Skeeter, con un inicial trabajo en un periódico redactando las contestaciones a las cuestiones domésticas que le plantean a través de un consultorio; idea escribir un libro sobre lo ingrato que es el mundo de la servidumbre negra en los Estados del Sur, sobre lo mal que viven y sobre las experiencias tan traumáticas por las que pasan las mujeres que sirven en los hogares de los blancos. Para ello cuenta con la ayuda, clandestina, por supuesto, de dos sirvientas Aibileen Clarck (Viola Davis) y Minni Jackson (Octavia Spencer), que, con un poder de persuasión increíble, convencerán a un grupo de sirvientas de Jackson para que relaten a Skeeter las penurias de su existencia. Con todas las historias, incluida la propia, su experiencia con la que fue la criada de su casa, Constantine (Anna Camp), cruelmente despedida en su vejez por su propia madre, hará un libro que se distribuirá por todo el país y que alcanzará un índice de popularidad brutal que no dejará de remover los cimientos de su pueblo.
Pueden encontrar en el mercado cientos de películas sobre el tema racial, tanto desde el punto de vista del negro esclavo, como del blanco miembro o simpatizante del ku klux klan, como de los blancos buenísimos. Por poner un ejemplo: Mississippi burning, Malcom X o cientos más. Pero si quieren ver una buena película sobre el tema, no una versión edulcorada de una de las atrocidades más grandes de la historia, no les recomiendo Criadas y Señoras. Una película que parece hecha para querer quedar bien con todo el mundo.

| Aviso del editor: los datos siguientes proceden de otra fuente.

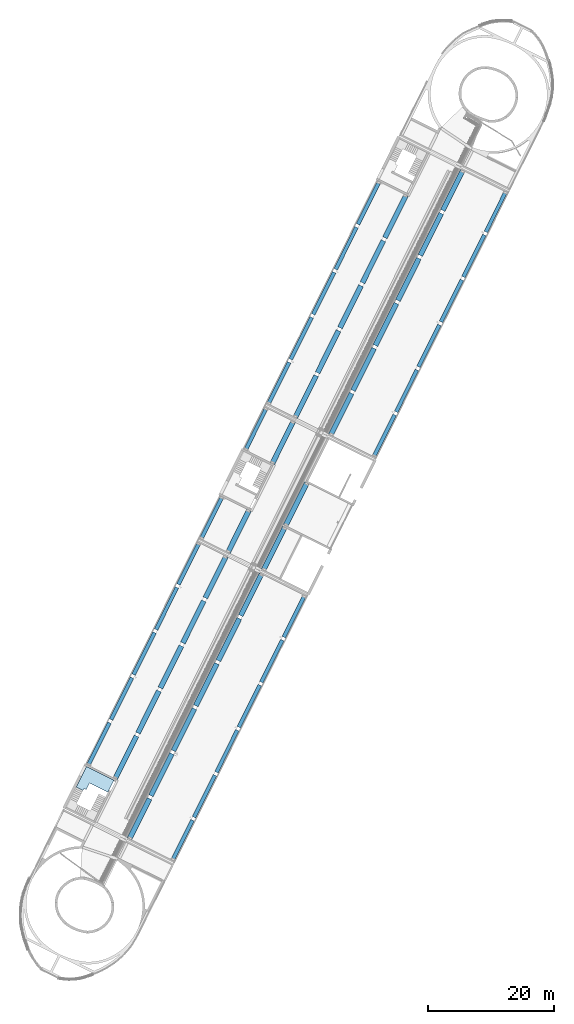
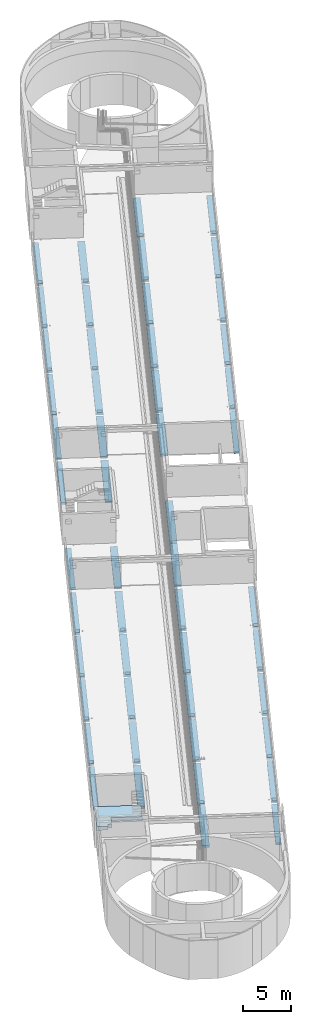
# One storey, part 1 of 47: 50 beams, 1 slab.
"""IFC2X3 building model written with IfcOpenShell, lengths in metres."""

from ifc_helpers import new_model, entity, si_unit, converted_unit, derived_unit, direction, frame, frame_2d, origin, place, context, subcontext, project, spatial, polyline, rectangle, outline, extrude, material, layer, layer_set, layer_usage, element, save


model = new_model("IFC2X3")

# Units and contexts
model_context = context("Model", 3, precision=1e-05, world=origin(), true_north=direction((0.894925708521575, 0.446215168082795)))
context_of_model = context(None, 3, precision=1e-05, world=origin(), true_north=direction((0.894925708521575, 0.446215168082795)))
body_context = subcontext(model_context, "Body", "Model", "MODEL_VIEW")
ifc_project = project(units=[si_unit("LENGTHUNIT", "METRE"), si_unit("AREAUNIT", "SQUARE_METRE"), si_unit("VOLUMEUNIT", "CUBIC_METRE"), converted_unit("PLANEANGLEUNIT", "DEGREE", entity("IfcRatioMeasure", 0.0174532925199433), si_unit("PLANEANGLEUNIT", "RADIAN"), dimensions=[0, 0, 0, 0, 0, 0, 0]), si_unit("MASSUNIT", "GRAM", prefix="KILO"), si_unit("TIMEUNIT", "SECOND"), si_unit("FREQUENCYUNIT", "HERTZ"), si_unit("THERMODYNAMICTEMPERATUREUNIT", "DEGREE_CELSIUS"), derived_unit("THERMALTRANSMITTANCEUNIT", [(si_unit("MASSUNIT", "GRAM", prefix="KILO"), 1), (si_unit("THERMODYNAMICTEMPERATUREUNIT", "KELVIN"), -1), (si_unit("TIMEUNIT", "SECOND"), -3)]), derived_unit("VOLUMETRICFLOWRATEUNIT", [(si_unit("LENGTHUNIT", "METRE"), 3), (si_unit("TIMEUNIT", "SECOND"), -1)]), si_unit("ELECTRICCURRENTUNIT", "AMPERE"), si_unit("ELECTRICVOLTAGEUNIT", "VOLT"), si_unit("POWERUNIT", "WATT"), si_unit("FORCEUNIT", "NEWTON", prefix="KILO"), si_unit("ILLUMINANCEUNIT", "LUX"), si_unit("LUMINOUSFLUXUNIT", "LUMEN"), si_unit("LUMINOUSINTENSITYUNIT", "CANDELA"), si_unit("PRESSUREUNIT", "PASCAL")], contexts=[model_context, context_of_model])

# Site, building, storey
site_placement = place(None, frame((218.228324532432, 584.720189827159, 0.0), z_axis=(0.0, 0.0, 1.0), x_axis=(0.446215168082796, 0.894925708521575, 0.0)))
site = spatial("IfcSite", under=ifc_project, at=site_placement, Name="Default", CompositionType="ELEMENT")
building_placement = place(site_placement, origin())
building = spatial("IfcBuilding", under=site, at=building_placement, CompositionType="ELEMENT")
storey_placement = place(building_placement, frame((0.0, 0.0, 4.69)))
storey = spatial("IfcBuildingStorey", under=building, at=storey_placement, Name="1 - Piano Primo", CompositionType="ELEMENT", Elevation=4.69)

# Beams
beam_1_placement = place(storey_placement, frame((-44.5906659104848, 5.81892100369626, -0.4)))
element("IfcBeam", 1, at=beam_1_placement, inside=storey, Name="Prefabbricato - Trave rettangolare:TRave pref - 60 x 26", ObjectType="Prefabbricato - Trave rettangolare:TRave pref - 60 x 26", context=body_context, shape_type="SweptSolid", body=[
    extrude(rectangle(XDim=0.26, YDim=0.600000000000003, at=frame_2d((-2.77555756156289e-16, 2.32869279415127e-14), x_axis=(1.0, 0.0))), frame((0.0104069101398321, 0.0, -0.130000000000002), z_axis=(1.0, 0.0, 0.0), x_axis=(0.0, 0.0, -1.0)), (0.0, 0.0, 1.0), 7.462),
])
beam_2_placement = place(storey_placement, frame((-52.8544493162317, 5.81892100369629, -0.4)))
element("IfcBeam", 2, at=beam_2_placement, inside=storey, Name="Prefabbricato - Trave rettangolare:TRave pref - 60 x 26", ObjectType="Prefabbricato - Trave rettangolare:TRave pref - 60 x 26", context=body_context, shape_type="SweptSolid", body=[
    extrude(rectangle(XDim=0.26, YDim=0.600000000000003, at=frame_2d((-2.63677968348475e-16, 2.54518628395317e-14), x_axis=(1.0, 0.0))), frame((0.154999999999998, 0.0, -0.130000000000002), z_axis=(1.0, 0.0, 0.0), x_axis=(0.0, 0.0, -1.0)), (0.0, 0.0, 1.0), 7.578),
])
beam_3_placement = place(storey_placement, frame((-36.587852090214, 5.81892100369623, -0.4)))
element("IfcBeam", 3, at=beam_3_placement, inside=storey, Name="Prefabbricato - Trave rettangolare:TRave pref - 60 x 26", ObjectType="Prefabbricato - Trave rettangolare:TRave pref - 60 x 26", context=body_context, shape_type="SweptSolid", body=[
    extrude(rectangle(XDim=0.26, YDim=0.600000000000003, at=frame_2d((-2.77555756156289e-16, 2.32869279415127e-14), x_axis=(1.0, 0.0))), frame((0.0104069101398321, 0.0, -0.130000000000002), z_axis=(1.0, 0.0, 0.0), x_axis=(0.0, 0.0, -1.0)), (0.0, 0.0, 1.0), 7.465),
])
beam_4_placement = place(storey_placement, frame((-28.5822204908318, 5.81892100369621, -0.4)))
element("IfcBeam", 4, at=beam_4_placement, inside=storey, Name="Prefabbricato - Trave rettangolare:TRave pref - 60 x 26", ObjectType="Prefabbricato - Trave rettangolare:TRave pref - 60 x 26", context=body_context, shape_type="SweptSolid", body=[
    extrude(rectangle(XDim=0.26, YDim=0.600000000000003, at=frame_2d((-2.77555756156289e-16, 2.32869279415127e-14), x_axis=(1.0, 0.0))), frame((0.0104069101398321, 0.0, -0.130000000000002), z_axis=(1.0, 0.0, 0.0), x_axis=(0.0, 0.0, -1.0)), (0.0, 0.0, 1.0), 7.463),
])
beam_5_placement = place(storey_placement, frame((-20.5643716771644, 5.81892100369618, -0.400000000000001)))
element("IfcBeam", 5, at=beam_5_placement, inside=storey, Name="Prefabbricato - Trave rettangolare:TRave pref - 60 x 26", ObjectType="Prefabbricato - Trave rettangolare:TRave pref - 60 x 26", context=body_context, shape_type="SweptSolid", body=[
    extrude(rectangle(XDim=0.26, YDim=0.600000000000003, at=frame_2d((2.77555756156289e-16, 2.38420394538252e-14), x_axis=(1.0, 0.0))), frame((-0.00500000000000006, 0.0, -0.130000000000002), z_axis=(1.0, 0.0, 0.0), x_axis=(0.0, 0.0, -1.0)), (0.0, 0.0, 1.0), 7.365),
])
beam_6_placement = place(storey_placement, frame((-44.5906659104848, 1.04892100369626, -0.4)))
element("IfcBeam", 6, at=beam_6_placement, inside=storey, Name="Prefabbricato - Trave rettangolare:TRave pref - 80 x 26", ObjectType="Prefabbricato - Trave rettangolare:TRave pref - 80 x 26", context=body_context, shape_type="SweptSolid", body=[
    extrude(rectangle(XDim=0.26, YDim=0.800000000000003, at=frame_2d((-2.63677968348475e-16, 2.38142838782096e-14), x_axis=(1.0, 0.0))), frame((0.000406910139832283, 0.0, -0.130000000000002), z_axis=(1.0, 0.0, 0.0), x_axis=(0.0, 0.0, -1.0)), (0.0, 0.0, 1.0), 7.482),
])
beam_7_placement = place(storey_placement, frame((-52.6975115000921, 1.04892100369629, -0.4)))
element("IfcBeam", 7, at=beam_7_placement, inside=storey, Name="Prefabbricato - Trave rettangolare:TRave pref - 80 x 26", ObjectType="Prefabbricato - Trave rettangolare:TRave pref - 80 x 26", context=body_context, shape_type="SweptSolid", body=[
    extrude(rectangle(XDim=0.26, YDim=0.800000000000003, at=frame_2d((-2.63677968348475e-16, 2.38142838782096e-14), x_axis=(1.0, 0.0))), frame((0.000499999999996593, 0.0, -0.130000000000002), z_axis=(1.0, 0.0, 0.0), x_axis=(0.0, 0.0, -1.0)), (0.0, 0.0, 1.0), 7.586),
])
beam_8_placement = place(storey_placement, frame((-36.587852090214, 1.04892100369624, -0.4)))
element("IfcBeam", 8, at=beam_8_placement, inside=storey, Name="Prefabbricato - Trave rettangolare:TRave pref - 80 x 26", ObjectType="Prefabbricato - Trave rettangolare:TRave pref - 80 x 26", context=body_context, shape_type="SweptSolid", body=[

Así encontramos blancos malos malísimos y buenos-buenísimos, y negros- malotes pero menos y negros buenos como el pan bendito. Una dualidad tan edulcorada que da hasta cierta grima.
Sin embargo, contrariamente a lo que pueda parecer a la vista de lo que he escrito en las anteriores líneas, debo reconocer que es una cinta que gustará al gran público, es una película amable, que entretiene y que pese a las dos horas y media de duración no se hace nada pesada. Algunas anécdotas son realmente graciosas (no perderse la venganza de Minny y su delicioso pastel). Si uno no tiene grandes pretensiones, más que pasar una tarde entretenida pues ésta es una buena opción.
Yo, después de lo visto y tras pasarlo por el tamiz de la realidad, de lo oscuro que está todo al salir del cine, me quedo con las preguntas que me han venido a la cabeza lo largo de toda la película ¿Si tanto les odiaban, los blancos a los negros, cómo se explica que su bien más preciado, sus hijos, fuera criados y amados por aquellos sirvientes negros a los que despreciaban hasta el vómito? ¿Y cómo podían aquellos hijos blancos, criados por los negros, olvidar quien les cuidó y fomentar el desprecio por el simple color de la piel? La respuesta es sencilla: el ser humano es gilipollas, por naturaleza, claro.